I think I did this for the first 4 tankfuls of gas. Doesn't take long for the saw to break in.

Gary


----------



## Coldfront (Oct 7, 2009)

After 1 tank of gas run through its pretty much broke in just don't abuse it. Why would anyone run a saw wot with no load??


----------



## thechief (Oct 7, 2009)

I'm not sure either why anyone would run a saw at WOT under no load. I've cut some oak with it this week and it definately seems to have a ton of power compared to my old John Deere 55v.


----------



## wood4heat (Oct 7, 2009)

Not everybody is as thorough as me but I think my method pays off over the life of the saw. I start by carrying the it everywhere I go for a week or so. This gives you a chance to get to know each other without any pressure. Once you're both comfortable it's time to take her out to the woods but don't get too excited yet. The idea now is to let her get used to being around trees. When the time is right go ahead and start her up but talk her through it. you don't want to just start grabbing and pulling at things without warning her or you'll be back to square one. Give her a chance to warm up before you put the her to the wood, if you've done everything right she will be as eager as you. At this point you can let her rip as you've built the foundation for a rewarding relationship with your saw! :greenchainsaw:


----------



## thechief (Oct 7, 2009)




----------



## Haywire Haywood (Oct 7, 2009)

W4H, I think you have the techniques for getting laid and getting firewood laid up mixed somehow.

Ian


----------



## Butch(OH) (Oct 7, 2009)

Haywire Haywood said:


> W4H, I think you have the techniques for getting laid and getting firewood laid up mixed somehow.
> 
> Ian



Haywood, you got a real LOL for that one


----------



## audible fart (Oct 7, 2009)

Ms 390's are cool, people that rag on them pay truck drivers to tickle them at interstate rest stops in the dead of night. When only jesus is watching.
I've ran about 15 tanks through my 390 so far. Maybe a slight "freeing up" of the motor after a few tanks, but it's hard to tell. My 390 is doing fine.


----------



## thechief (Oct 7, 2009)

Awesome!


----------



## blis (Oct 7, 2009)

Just run it like you stole it, no reason to baby the saw (unless you want wimpy saw with no grunt in it)

:greenchainsaw:


----------



## Ljute (Oct 7, 2009)

wood4heat said:


> ... Once you're both comfortable it's time to take her out to the woods but don't get too excited yet...

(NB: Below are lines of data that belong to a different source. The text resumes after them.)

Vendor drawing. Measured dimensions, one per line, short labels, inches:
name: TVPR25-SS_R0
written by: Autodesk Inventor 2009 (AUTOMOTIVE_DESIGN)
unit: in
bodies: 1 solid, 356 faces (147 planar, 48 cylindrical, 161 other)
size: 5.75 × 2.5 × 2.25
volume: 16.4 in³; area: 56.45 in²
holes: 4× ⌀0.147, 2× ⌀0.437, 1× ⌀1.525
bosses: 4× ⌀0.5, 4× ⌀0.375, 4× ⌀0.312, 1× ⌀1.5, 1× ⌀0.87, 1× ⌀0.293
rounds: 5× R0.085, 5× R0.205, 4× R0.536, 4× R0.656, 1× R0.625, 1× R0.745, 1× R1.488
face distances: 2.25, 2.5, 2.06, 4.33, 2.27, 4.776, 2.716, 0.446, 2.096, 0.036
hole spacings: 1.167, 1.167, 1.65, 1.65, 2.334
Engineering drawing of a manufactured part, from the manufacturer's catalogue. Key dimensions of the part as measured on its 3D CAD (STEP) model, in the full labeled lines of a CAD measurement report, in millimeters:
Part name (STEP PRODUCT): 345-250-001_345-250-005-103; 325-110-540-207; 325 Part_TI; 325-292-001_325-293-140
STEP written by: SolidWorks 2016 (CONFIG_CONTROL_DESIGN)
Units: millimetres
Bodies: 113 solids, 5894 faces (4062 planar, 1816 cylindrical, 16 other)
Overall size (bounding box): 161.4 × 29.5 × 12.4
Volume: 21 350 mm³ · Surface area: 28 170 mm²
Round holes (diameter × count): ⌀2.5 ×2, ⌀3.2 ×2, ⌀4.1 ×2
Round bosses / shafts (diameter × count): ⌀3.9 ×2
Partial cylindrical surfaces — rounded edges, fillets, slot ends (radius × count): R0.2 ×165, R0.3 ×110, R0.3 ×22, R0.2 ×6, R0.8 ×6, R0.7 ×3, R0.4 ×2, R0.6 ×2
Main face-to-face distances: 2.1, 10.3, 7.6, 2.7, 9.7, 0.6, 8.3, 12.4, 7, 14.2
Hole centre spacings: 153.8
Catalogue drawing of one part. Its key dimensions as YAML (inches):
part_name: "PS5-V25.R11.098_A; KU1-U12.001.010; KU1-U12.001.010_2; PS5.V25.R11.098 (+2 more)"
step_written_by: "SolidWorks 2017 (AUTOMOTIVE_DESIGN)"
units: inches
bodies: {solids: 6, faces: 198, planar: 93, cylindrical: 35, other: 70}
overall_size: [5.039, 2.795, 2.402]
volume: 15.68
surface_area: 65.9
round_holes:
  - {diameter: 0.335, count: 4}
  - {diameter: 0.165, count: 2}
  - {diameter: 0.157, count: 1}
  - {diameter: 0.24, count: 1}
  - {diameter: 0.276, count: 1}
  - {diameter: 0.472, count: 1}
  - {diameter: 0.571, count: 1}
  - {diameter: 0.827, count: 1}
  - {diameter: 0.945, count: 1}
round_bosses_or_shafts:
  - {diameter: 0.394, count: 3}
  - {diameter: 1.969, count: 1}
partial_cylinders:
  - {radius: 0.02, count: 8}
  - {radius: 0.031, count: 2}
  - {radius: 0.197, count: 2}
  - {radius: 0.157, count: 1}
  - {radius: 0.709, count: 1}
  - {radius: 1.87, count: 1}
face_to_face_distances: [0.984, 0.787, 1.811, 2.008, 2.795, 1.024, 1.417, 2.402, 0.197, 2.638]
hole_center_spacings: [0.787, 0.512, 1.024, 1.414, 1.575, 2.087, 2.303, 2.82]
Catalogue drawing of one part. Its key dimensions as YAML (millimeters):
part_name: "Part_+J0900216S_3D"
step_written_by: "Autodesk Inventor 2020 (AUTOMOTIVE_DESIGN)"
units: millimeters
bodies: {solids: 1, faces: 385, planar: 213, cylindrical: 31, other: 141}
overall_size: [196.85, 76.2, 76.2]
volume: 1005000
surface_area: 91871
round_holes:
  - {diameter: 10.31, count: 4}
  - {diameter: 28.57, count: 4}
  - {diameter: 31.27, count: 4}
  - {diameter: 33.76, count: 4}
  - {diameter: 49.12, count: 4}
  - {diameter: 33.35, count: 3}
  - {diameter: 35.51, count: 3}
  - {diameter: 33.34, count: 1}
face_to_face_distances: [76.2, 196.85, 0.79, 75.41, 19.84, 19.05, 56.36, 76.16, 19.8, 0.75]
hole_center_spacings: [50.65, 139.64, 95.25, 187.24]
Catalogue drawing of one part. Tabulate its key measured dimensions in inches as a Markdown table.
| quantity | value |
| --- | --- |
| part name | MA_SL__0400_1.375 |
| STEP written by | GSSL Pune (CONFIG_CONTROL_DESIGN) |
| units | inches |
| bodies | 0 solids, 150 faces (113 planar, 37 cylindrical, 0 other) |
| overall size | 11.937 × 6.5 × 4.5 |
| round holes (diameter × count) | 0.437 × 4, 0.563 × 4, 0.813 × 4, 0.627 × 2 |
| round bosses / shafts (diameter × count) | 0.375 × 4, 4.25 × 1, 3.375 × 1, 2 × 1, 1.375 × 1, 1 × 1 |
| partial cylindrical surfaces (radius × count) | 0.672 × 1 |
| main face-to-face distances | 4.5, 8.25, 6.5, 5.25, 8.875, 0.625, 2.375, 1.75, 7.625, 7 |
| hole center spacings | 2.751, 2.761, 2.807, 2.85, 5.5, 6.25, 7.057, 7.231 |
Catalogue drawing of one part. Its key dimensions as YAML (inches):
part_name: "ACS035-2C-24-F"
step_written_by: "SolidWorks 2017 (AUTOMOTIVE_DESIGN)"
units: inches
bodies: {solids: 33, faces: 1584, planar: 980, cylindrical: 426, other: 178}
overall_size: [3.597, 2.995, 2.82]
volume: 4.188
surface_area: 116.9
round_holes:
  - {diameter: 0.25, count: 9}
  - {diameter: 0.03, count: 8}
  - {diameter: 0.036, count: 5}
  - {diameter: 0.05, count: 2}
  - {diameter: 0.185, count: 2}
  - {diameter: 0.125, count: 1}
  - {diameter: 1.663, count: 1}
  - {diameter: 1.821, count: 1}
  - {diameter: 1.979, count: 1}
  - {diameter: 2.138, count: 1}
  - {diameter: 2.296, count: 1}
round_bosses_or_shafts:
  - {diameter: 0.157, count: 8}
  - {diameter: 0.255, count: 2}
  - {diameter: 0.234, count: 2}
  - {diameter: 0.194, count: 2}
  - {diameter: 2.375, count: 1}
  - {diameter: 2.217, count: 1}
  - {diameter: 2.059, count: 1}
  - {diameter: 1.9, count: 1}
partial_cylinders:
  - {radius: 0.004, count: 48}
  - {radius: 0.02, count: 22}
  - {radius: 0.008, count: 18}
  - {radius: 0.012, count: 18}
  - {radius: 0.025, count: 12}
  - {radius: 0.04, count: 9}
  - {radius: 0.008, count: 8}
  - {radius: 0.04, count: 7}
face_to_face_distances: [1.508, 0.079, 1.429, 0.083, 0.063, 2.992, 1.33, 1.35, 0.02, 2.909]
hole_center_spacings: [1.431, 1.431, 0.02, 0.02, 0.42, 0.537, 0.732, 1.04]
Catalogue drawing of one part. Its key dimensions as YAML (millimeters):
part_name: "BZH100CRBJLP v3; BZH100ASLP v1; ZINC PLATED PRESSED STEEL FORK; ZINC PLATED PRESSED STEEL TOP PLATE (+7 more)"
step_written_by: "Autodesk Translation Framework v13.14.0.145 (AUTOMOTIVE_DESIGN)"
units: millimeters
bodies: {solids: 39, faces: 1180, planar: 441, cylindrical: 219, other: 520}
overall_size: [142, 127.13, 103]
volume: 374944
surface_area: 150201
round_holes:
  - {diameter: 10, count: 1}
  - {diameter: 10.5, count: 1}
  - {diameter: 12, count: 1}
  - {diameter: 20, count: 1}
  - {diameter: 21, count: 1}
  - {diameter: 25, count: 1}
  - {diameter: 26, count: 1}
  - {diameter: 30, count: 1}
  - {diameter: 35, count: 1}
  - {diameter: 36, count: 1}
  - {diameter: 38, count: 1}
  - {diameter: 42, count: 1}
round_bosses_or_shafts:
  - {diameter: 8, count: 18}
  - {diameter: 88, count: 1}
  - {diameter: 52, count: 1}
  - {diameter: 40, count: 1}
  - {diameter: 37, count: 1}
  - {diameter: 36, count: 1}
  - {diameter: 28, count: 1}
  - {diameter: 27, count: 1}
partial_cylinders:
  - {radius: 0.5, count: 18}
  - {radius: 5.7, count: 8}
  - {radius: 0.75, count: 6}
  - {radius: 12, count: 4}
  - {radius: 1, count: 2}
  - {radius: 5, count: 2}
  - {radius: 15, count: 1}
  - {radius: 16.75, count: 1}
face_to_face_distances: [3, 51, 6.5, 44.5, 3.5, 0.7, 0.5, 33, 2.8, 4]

Great! Rep when i recharge!


----------



## 7sleeper (Oct 7, 2009)

Haywire Haywood said:


> W4H, I think you have the techniques for getting laid and getting firewood laid up mixed somehow.
> 
> Ian



I usually start it and let it idle while putting on my ppe so that it is already warm when going to the wood! You can never be to safe!

7


----------



## wood4heat (Oct 7, 2009)

Haywire Haywood said:


> W4H, I think you have the techniques for getting laid and getting firewood laid up mixed somehow.
> 
> Ian



Yeah well I guess some habits are hard to break! umpkin2:


----------



## Austin1 (Oct 7, 2009)

thechief said:


> Hi guys, I know its likely a piece of crap saw in alot of your eyes but I just purchased a brand new MS 390 last week. I opted for this one over the MS361 just because of the $250 price difference and the 390 will do more than anything I have to do as I only cut for my dad and myself. Question, during the break in period how should I run it and for how long? I'll be using Sunoco Ultra 94 gas with the Stihl 2 stroke oil. It says in the manual not to run it WOT without load in which I wouldn't anyways but can I run it WOT when processing wood? What are your guys thoughts on the saw? I got it with a 20" bar and 2 loops for $590 CDN which is around $500 USD. Opinions, thoughts are greatly appreciated. Thanks again.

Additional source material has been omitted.